# Please Share Pictures of Your Chicken Houses!



## happychick (Sep 20, 2010)

Please post a pic or two of your chicken set ups!
I'm looking to build or buy a chicken house this spring, I'd like to learn & get ideas from those who have done it before. (For the past 2 years my chickens have had a room in the barn and been free range, but we have a hawk problem now)...I have about 20 hens currently, probably won't ever have more then 30. I'm thinking of a chicken house connected to a fenced in run, so they can let themselves in and out - but not get picked up by our hawks!

Thanks so much, I really appreciate any pictures & advice!


----------



## bergere (May 11, 2002)

I bought a store Display Storage shed, with a heavy duty floor. In the process of painting the floor to seal it.
Also will be putting on a ridge vent, to make sure the inside does not get too hot.










In the processes of getting the Hen House yard put in around the House, that way I can contain them when needed.


----------



## mammabooh (Sep 1, 2004)

Here are some pictures for you...

This is the 200-square-foot octagonal coop that Hubby built for me a couple of years ago. We now have pasture fence that butts into either side of the coop (you can see a post to the left side of the coop and the orange plastic fencing has been replaced with field fence) so that the chickens have access to the pasture (through a little chicken door), but I can access the coop without going through the pasture if I want to. The chickens share the pasture with our goats. I HOPE to get the coop painted this spring. We also plan to get the electric run out there soon so that we won't have to run extension cords. We haven't sided the back side yet and I think we're going to have to use steel siding. The goats like to chew on the wood!

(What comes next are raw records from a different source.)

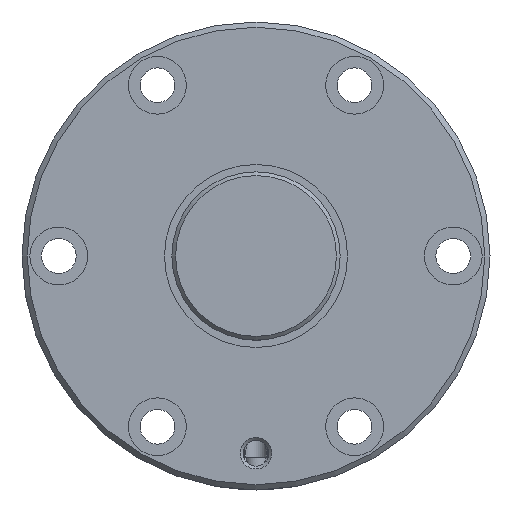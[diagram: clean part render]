
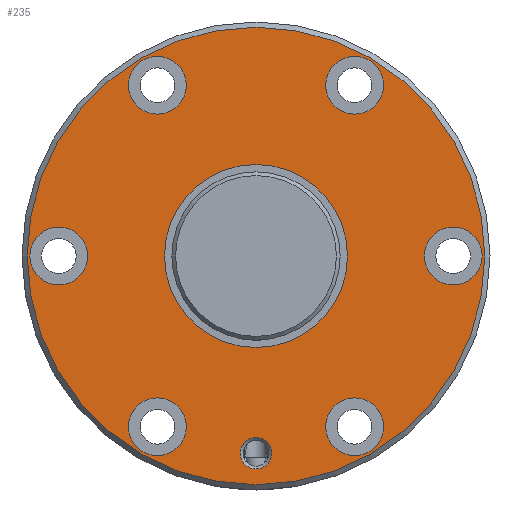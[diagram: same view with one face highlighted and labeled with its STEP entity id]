
A CAD part, left-side view. The second image highlights one B-rep face of the part: STEP entity #235.
In plain terms, the highlighted planar face has unit normal (-1, 0, 0).
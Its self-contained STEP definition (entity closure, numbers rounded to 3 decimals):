
#235 = ADVANCED_FACE( '', ( #458, #459, #460, #461, #462, #463, #464, #465, #466 ), #467, .T. );
#458 = FACE_BOUND( '', #755, .T. );
#459 = FACE_BOUND( '', #756, .T. );
#460 = FACE_BOUND( '', #757, .T. );
#461 = FACE_BOUND( '', #758, .T. );
#462 = FACE_BOUND( '', #759, .T. );
#463 = FACE_BOUND( '', #760, .T. );
#464 = FACE_BOUND( '', #761, .T. );
#465 = FACE_BOUND( '', #762, .T. );
#466 = FACE_OUTER_BOUND( '', #763, .T. );
#467 = PLANE( '', #764 );
#755 = EDGE_LOOP( '', ( #1304 ) );
#756 = EDGE_LOOP( '', ( #1305 ) );
#757 = EDGE_LOOP( '', ( #1306 ) );
#758 = EDGE_LOOP( '', ( #1307 ) );
#759 = EDGE_LOOP( '', ( #1308 ) );
#760 = EDGE_LOOP( '', ( #1309 ) );
#761 = EDGE_LOOP( '', ( #1310 ) );
#762 = EDGE_LOOP( '', ( #1311 ) );
#763 = EDGE_LOOP( '', ( #1312 ) );
#764 = AXIS2_PLACEMENT_3D( '', #1313, #1314, #1315 );
#1304 = ORIENTED_EDGE( '', *, *, #1628, .T. );
#1305 = ORIENTED_EDGE( '', *, *, #1629, .T. );
#1306 = ORIENTED_EDGE( '', *, *, #1516, .T. );
#1307 = ORIENTED_EDGE( '', *, *, #1630, .T. );
#1308 = ORIENTED_EDGE( '', *, *, #1631, .T. );
#1309 = ORIENTED_EDGE( '', *, *, #1632, .T. );
#1310 = ORIENTED_EDGE( '', *, *, #1633, .T. );
#1311 = ORIENTED_EDGE( '', *, *, #1634, .T. );
#1312 = ORIENTED_EDGE( '', *, *, #1635, .F. );
#1313 = CARTESIAN_POINT( '', ( 0., 43.5, 0. ) );
#1314 = DIRECTION( '', ( -1., 0., 0. ) );
#1315 = DIRECTION( '', ( 0., 0., 1. ) );
#1516 = EDGE_CURVE( '', #1709, #1709, #1710, .T. );
#1628 = EDGE_CURVE( '', #1893, #1893, #1894, .T. );
#1629 = EDGE_CURVE( '', #1895, #1895, #1896, .F. );
#1630 = EDGE_CURVE( '', #1897, #1897, #1898, .T. );
#1631 = EDGE_CURVE( '', #1899, #1899, #1900, .T. );
#1632 = EDGE_CURVE( '', #1901, #1901, #1902, .T. );
#1633 = EDGE_CURVE( '', #1903, #1903, #1904, .T. );
#1634 = EDGE_CURVE( '', #1905, #1905, #1906, .T. );
#1635 = EDGE_CURVE( '', #1907, #1907, #1908, .T. );
#1709 = VERTEX_POINT( '', #2113 );
#1710 = CIRCLE( '', #2114, 3. );
#1893 = VERTEX_POINT( '', #2848 );
#1894 = CIRCLE( '', #2849, 17.4 );
#1895 = VERTEX_POINT( '', #2850 );
#1896 = CIRCLE( '', #2851, 5.5 );
#1897 = VERTEX_POINT( '', #2852 );
#1898 = CIRCLE( '', #2853, 5.5 );
#1899 = VERTEX_POINT( '', #2854 );
#1900 = CIRCLE( '', #2855, 5.5 );
#1901 = VERTEX_POINT( '', #2856 );
#1902 = CIRCLE( '', #2857, 5.5 );
#1903 = VERTEX_POINT( '', #2858 );
#1904 = CIRCLE( '', #2859, 5.5 );
#1905 = VERTEX_POINT( '', #2860 );
#1906 = CIRCLE( '', #2861, 5.5 );
#1907 = VERTEX_POINT( '', #2862 );
#1908 = CIRCLE( '', #2863, 43.5 );
#2113 = CARTESIAN_POINT( '', ( 0., 0., -40.5 ) );
#2114 = AXIS2_PLACEMENT_3D( '', #2967, #2968, #2969 );
#2848 = CARTESIAN_POINT( '', ( 0., 0., -17.4 ) );
#2849 = AXIS2_PLACEMENT_3D( '', #3175, #3176, #3177 );
#2850 = CARTESIAN_POINT( '', ( 0., 37.5, 5.5 ) );
#2851 = AXIS2_PLACEMENT_3D( '', #3178, #3179, #3180 );
#2852 = CARTESIAN_POINT( '', ( 0., 18.75, 26.976 ) );
#2853 = AXIS2_PLACEMENT_3D( '', #3181, #3182, #3183 );
#2854 = CARTESIAN_POINT( '', ( 0., -18.75, -37.976 ) );
#2855 = AXIS2_PLACEMENT_3D( '', #3184, #3185, #3186 );
#2856 = CARTESIAN_POINT( '', ( 0., -18.75, 26.976 ) );
#2857 = AXIS2_PLACEMENT_3D( '', #3187, #3188, #3189 );
#2858 = CARTESIAN_POINT( '', ( 0., 18.75, -37.976 ) );
#2859 = AXIS2_PLACEMENT_3D( '', #3190, #3191, #3192 );
#2860 = CARTESIAN_POINT( '', ( 0., -37.5, -5.5 ) );
#2861 = AXIS2_PLACEMENT_3D( '', #3193, #3194, #3195 );
#2862 = CARTESIAN_POINT( '', ( 0., 0., -43.5 ) );
#2863 = AXIS2_PLACEMENT_3D( '', #3196, #3197, #3198 );
#2967 = CARTESIAN_POINT( '', ( 0., 0., -37.5 ) );
#2968 = DIRECTION( '', ( 1., 0., 0. ) );
#2969 = DIRECTION( '', ( 0., 0., -1. ) );
#3175 = CARTESIAN_POINT( '', ( 0., 0., 0. ) );
#3176 = DIRECTION( '', ( 1., 0., 0. ) );
#3177 = DIRECTION( '', ( 0., 0., -1. ) );
#3178 = CARTESIAN_POINT( '', ( 0., 37.5, 0. ) );
#3179 = DIRECTION( '', ( -1., 0., 0. ) );
#3180 = DIRECTION( '', ( 0., 0., 1. ) );
#3181 = CARTESIAN_POINT( '', ( 0., 18.75, 32.476 ) );
#3182 = DIRECTION( '', ( 1., 0., 0. ) );
#3183 = DIRECTION( '', ( 0., 0., -1. ) );
#3184 = CARTESIAN_POINT( '', ( 0., -18.75, -32.476 ) );
#3185 = DIRECTION( '', ( 1., 0., 0. ) );
#3186 = DIRECTION( '', ( 0., 0., -1. ) );
#3187 = CARTESIAN_POINT( '', ( 0., -18.75, 32.476 ) );
#3188 = DIRECTION( '', ( 1., 0., 0. ) );
#3189 = DIRECTION( '', ( 0., 0., -1. ) );
#3190 = CARTESIAN_POINT( '', ( 0., 18.75, -32.476 ) );
#3191 = DIRECTION( '', ( 1., 0., 0. ) );
#3192 = DIRECTION( '', ( 0., 0., -1. ) );
#3193 = CARTESIAN_POINT( '', ( 0., -37.5, 0. ) );
#3194 = DIRECTION( '', ( 1., 0., 0. ) );
#3195 = DIRECTION( '', ( 0., 0., -1. ) );
#3196 = CARTESIAN_POINT( '', ( 0., 0., 0. ) );
#3197 = DIRECTION( '', ( 1., 0., 0. ) );
#3198 = DIRECTION( '', ( 0., 0., -1. ) );

This is the inside. We sectioned it off so that there is an area for feed storage and so that I don't have chickens at my feet when I walk into the coop. Since I leave the main door open during most days, it creates a nice cross breeze.









Here's what the roost looks like. I built a poop-catching tray, so that all of the poop that is expelled while they are on the roost lands in the tray...makes for very easy clean-up. I also now have their feeder and oyster shell dispenser hanging under the roost.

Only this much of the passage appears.